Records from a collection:
+ + +

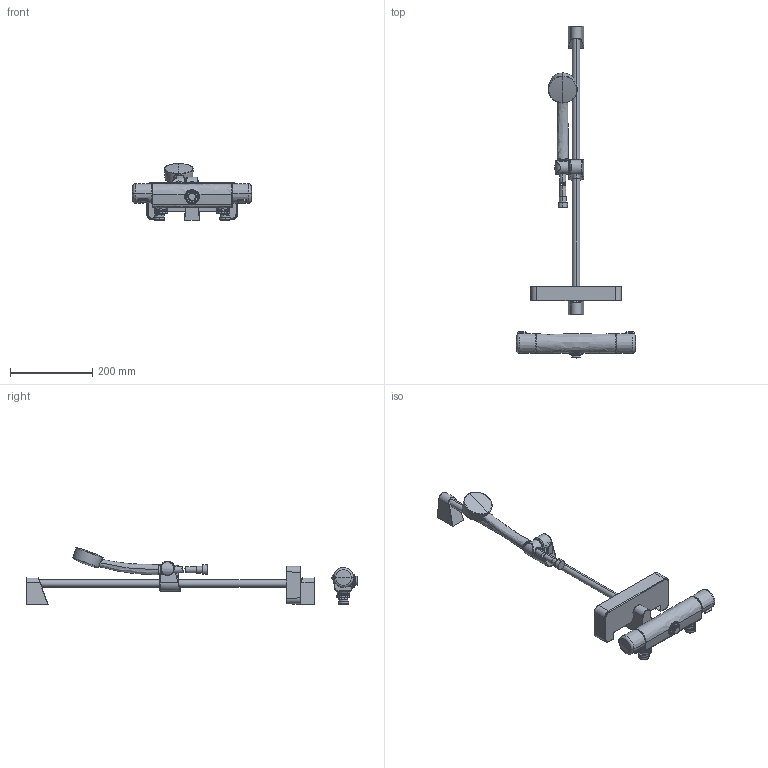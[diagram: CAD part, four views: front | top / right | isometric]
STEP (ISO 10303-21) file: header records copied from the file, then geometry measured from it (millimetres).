
FILE_DESCRIPTION (( 'STEP AP203' ), '1' );
FILE_NAME ('7427(2016).STEP', '2017-11-16T12:13:29', ( '' ), ( '' ), 'SwSTEP 2.0', 'SolidWorks 2016', '' );
FILE_SCHEMA (( 'CONFIG_CONTROL_DESIGN' ));
Length unit declared in the file: millimetre
Products named in the file (1): 7427(2016)
Bounding box: 289.8 x 805.9 x 137.73 mm (x, y, z)
Volume: 1471957.3 mm3; surface area: 254667.9 mm2
Topology: 19 solids, 19 shells, 448 faces, 1017 edges, 613 vertices
Faces by surface type: cylinder 132, plane 102, bspline 97, cone 65, torus 36, sphere 16
Entity records: 25585 total; most frequent: CARTESIAN_POINT 16273, ORIENTED_EDGE 2022, DIRECTION 1790, EDGE_CURVE 1011, AXIS2_PLACEMENT_3D 737, VERTEX_POINT 611, EDGE_LOOP 462, ADVANCED_FACE 448

+ + +

Exercise instructions: The answer must be the line containing "STEP (ISO 10303-21)" and every line after it through the end of the records, repeated exactly.

Exercise result:
STEP (ISO 10303-21) file: header records copied from the file, then geometry measured from it (millimetres).
FILE_DESCRIPTION (( 'STEP AP203' ), '1' );
FILE_NAME ('7427(2016).STEP', '2017-11-16T12:13:29', ( '' ), ( '' ), 'SwSTEP 2.0', 'SolidWorks 2016', '' );
FILE_SCHEMA (( 'CONFIG_CONTROL_DESIGN' ));
Length unit declared in the file: millimetre
Products named in the file (1): 7427(2016)
Bounding box: 289.8 x 805.9 x 137.73 mm (x, y, z)
Volume: 1471957.3 mm3; surface area: 254667.9 mm2
Topology: 19 solids, 19 shells, 448 faces, 1017 edges, 613 vertices
Faces by surface type: cylinder 132, plane 102, bspline 97, cone 65, torus 36, sphere 16
Entity records: 25585 total; most frequent: CARTESIAN_POINT 16273, ORIENTED_EDGE 2022, DIRECTION 1790, EDGE_CURVE 1011, AXIS2_PLACEMENT_3D 737, VERTEX_POINT 611, EDGE_LOOP 462, ADVANCED_FACE 448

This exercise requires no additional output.